OAI-PMH Servers

Wow, this is fantastic.

One question, to start with.

There seems to be a discrepancy between the YaCy list of OAI-PMH Servers here:

http://localhost:8090/IndexImportOAIPMH_p.html

Which totals 7081 servers in all

and the list provided by openarchives.org

Only 4224 currently.

Also, I might report something of a bug, or annoyance.

While attempting to compare the two lists, I was trying to highlight a URL in the YaCy list and suddenly a download started. I was a little alarmed because I did not intend this, had no idea how big the file might be and could find no way to cancel the process. I ended up just letting it run. I have no idea what exactly I downloaded but the files do not seem to have been too big.

I’m not sure why the download started, as I was only trying to just highlight the link, but the “bug” that seems like it could be a bigger problem is, Once the download finished, I was transferred to another page showing the results of the download.

I hit the back button in the browser (Firefox) to get back to the list I was reviewing and the same download started all over again!

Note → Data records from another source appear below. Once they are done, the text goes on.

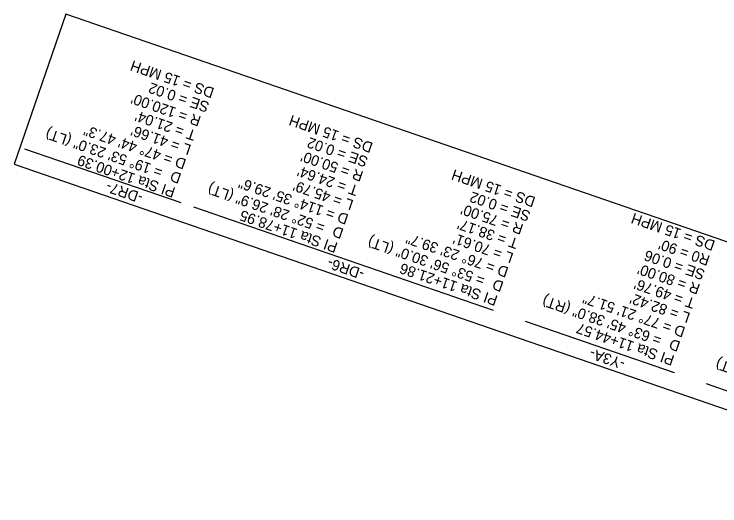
# Model space of a CAD drawing. Extents: x 472216 to 481979, y 489069 to 507339.
# Drawn here: x 479990.7 to 480456.8, y 492695.7 to 493020.3 of the extents above; entities that cross this region are included whole.
import ezdxf

# ---------------------------------------------------------------- set-up
doc = ezdxf.new("R2010")
doc.units = 0
doc.layers.add('Exist Horizontal Alignment Point', color=7, linetype='Continuous')
doc.layers.add('Prop Rem of Exist Asph Pvmt', color=7, linetype='Continuous')

msp = doc.modelspace()

# ---------------------------------------------------------------- linework, layer by layer
at = {"layer": 'Exist Horizontal Alignment Point'}
msp.add_lwpolyline([(480679.77, 492794.65), (480615.15, 492816.92), (480566.07, 492833.82), (480024.85, 493020.3), (479990.74, 492921.32), (480645.67, 492695.67)], close=True, dxfattribs=at)
at = {"layer": 'Prop Rem of Exist Asph Pvmt'}
for p, q in [((480101.13, 492895.64), (479997.82, 492931.24)), ((480307.29, 492824.61), (480109.51, 492892.76)), ((480426.78, 492783.45), (480328.53, 492817.29)), ((480639.22, 492710.25), (480448.02, 492776.13))]:
    msp.add_line(p, q, dxfattribs=at)

# ---------------------------------------------------------------- texts
for s, p in [('DS = 15 MPH', (480123.45, 492971.23)), ('SE = 0.02', (480120.19, 492961.78)), ("R = 120.00'", (480114.74, 492952.61)), ("T = 21.04'", (480111.48, 492943.15)), ('DS = 15 MPH', (480228.22, 492935.13)), ('= 19%%d 53\' 23.0" (LT)', (480089.46, 492918.7)), ('D = 47%%d 44\' 47.3"', (480104.96, 492924.24)), ("L = 41.66'", (480108.22, 492933.7)), ('SE = 0.02', (480224.96, 492925.68)), ('PI Sta 12+00.39', (480097.81, 492905.56)), ("R = 50.00'", (480221.89, 492916.17)), ("T = 24.64'", (480218.64, 492906.71)), ('DS = 15 MPH', (480335.53, 492899.24)), ('D', (480101.71, 492914.79)), ('-DR7-', (480076.41, 492901.84)), ('= 52%%d 28\' 26.9" (LT)', (480196.62, 492882.26)), ('D = 114%%d 35\' 29.6"', (480212.12, 492887.8)), ("L = 45.79'", (480215.38, 492897.26)), ('SE = 0.02', (480332.28, 492889.78)), ("R = 75.00'", (480327.56, 492881.2)), ('PI Sta 11+78.95', (480204.97, 492869.11)), ('DS = 15 MPH', (480454.17, 492870.48)), ("T = 38.17'", (480324.3, 492871.74)), ('D', (480208.86, 492878.35)), ('= 53%%d 56\' 30.0" (LT)', (480302.28, 492847.29)), ('D = 76%%d 23\' 39.7"', (480317.78, 492852.84)), ("L = 70.61'", (480321.04, 492862.29)), ("R0 = 90'", (480450.77, 492860.62)), ('SE = 0.06', (480447.52, 492851.17)), ('-DR6-', (480222.58, 492851.48)), ('PI Sta 11+21.86', (480310.63, 492834.15)), ("R = 80.00'", (480444.26, 492841.71)), ('D', (480314.53, 492843.38)), ("T = 49.76'", (480441, 492832.26)), ('= 63%%d 45\' 38.0" (RT)', (480418.98, 492807.8)), ('D = 77%%d 21\' 51.7"', (480434.49, 492813.35)), ("L = 82.42'", (480437.74, 492822.81)), ('PI Sta 11+44.57', (480427.33, 492794.66)), ('D', (480431.23, 492803.9)), ('-Y3A-', (480394.77, 492792.15)), ('= 1%%d 27\' 31.2" (RT)', (480528.52, 492767.89))]:
    msp.add_text(s, height=7, rotation=160.9892, dxfattribs=at).set_placement(p)

doc.saveas('drawing.dxf')

So now it appears that I have the same index downloaded twice. but with two different “token” identifiers.

It seems like this could be a bigger problem if I had downloaded numerous files and then forgot not to hit the back button.

Does this sort of thing result in duplicate files in the index?

Apparently Google does not support the OAI-PMH format.

So is the YaCy list more extensive than the OpenArchive list or does it perhaps include outdated, unofficial or no-longer-existant resources.

It is also difficult to assess what the resource might contain?

I was perhaps lucky to have accidentally transferred a relatively small resource. What if I had accidentally or unknowingly clicked on, or started a download of a 50 Gigabyte file or something?

Anyway, the fact that YaCy supports this kind of open index/resource sharing blows my mind!

What about mod_oai?

OAI-PMH is not a file format, it’s a protocol to harvest metadata from Libraries. They provide chunks of bibliographic data information in the form of (mostly!) dublin core metadata. YaCy translates the dublin core metadata into it’s Web Document format and indexes that. Because the OAI-PMH records contain an URL as identifier of the resource they describe (a document, may be PDF or HTML), we can use a standard search result to point to that resource.

Unfortunately it is always unknown how many records are provided by one OAI-PMH resource. But even if would be millions (which is rare) it would not be a problem for YaCy because the transmitted data is small - it’s only metadata about the resource (title, author, link, sometimes a short description).

When I first implemented this, I also made a presentation about it: https://yacy.net/material/YaCy_OAI_20100507.pdf (in german language unfortunately)

What is YaCy’s “Web Document format”?

The YaCy-internal representation of web pages, a key-value pair list.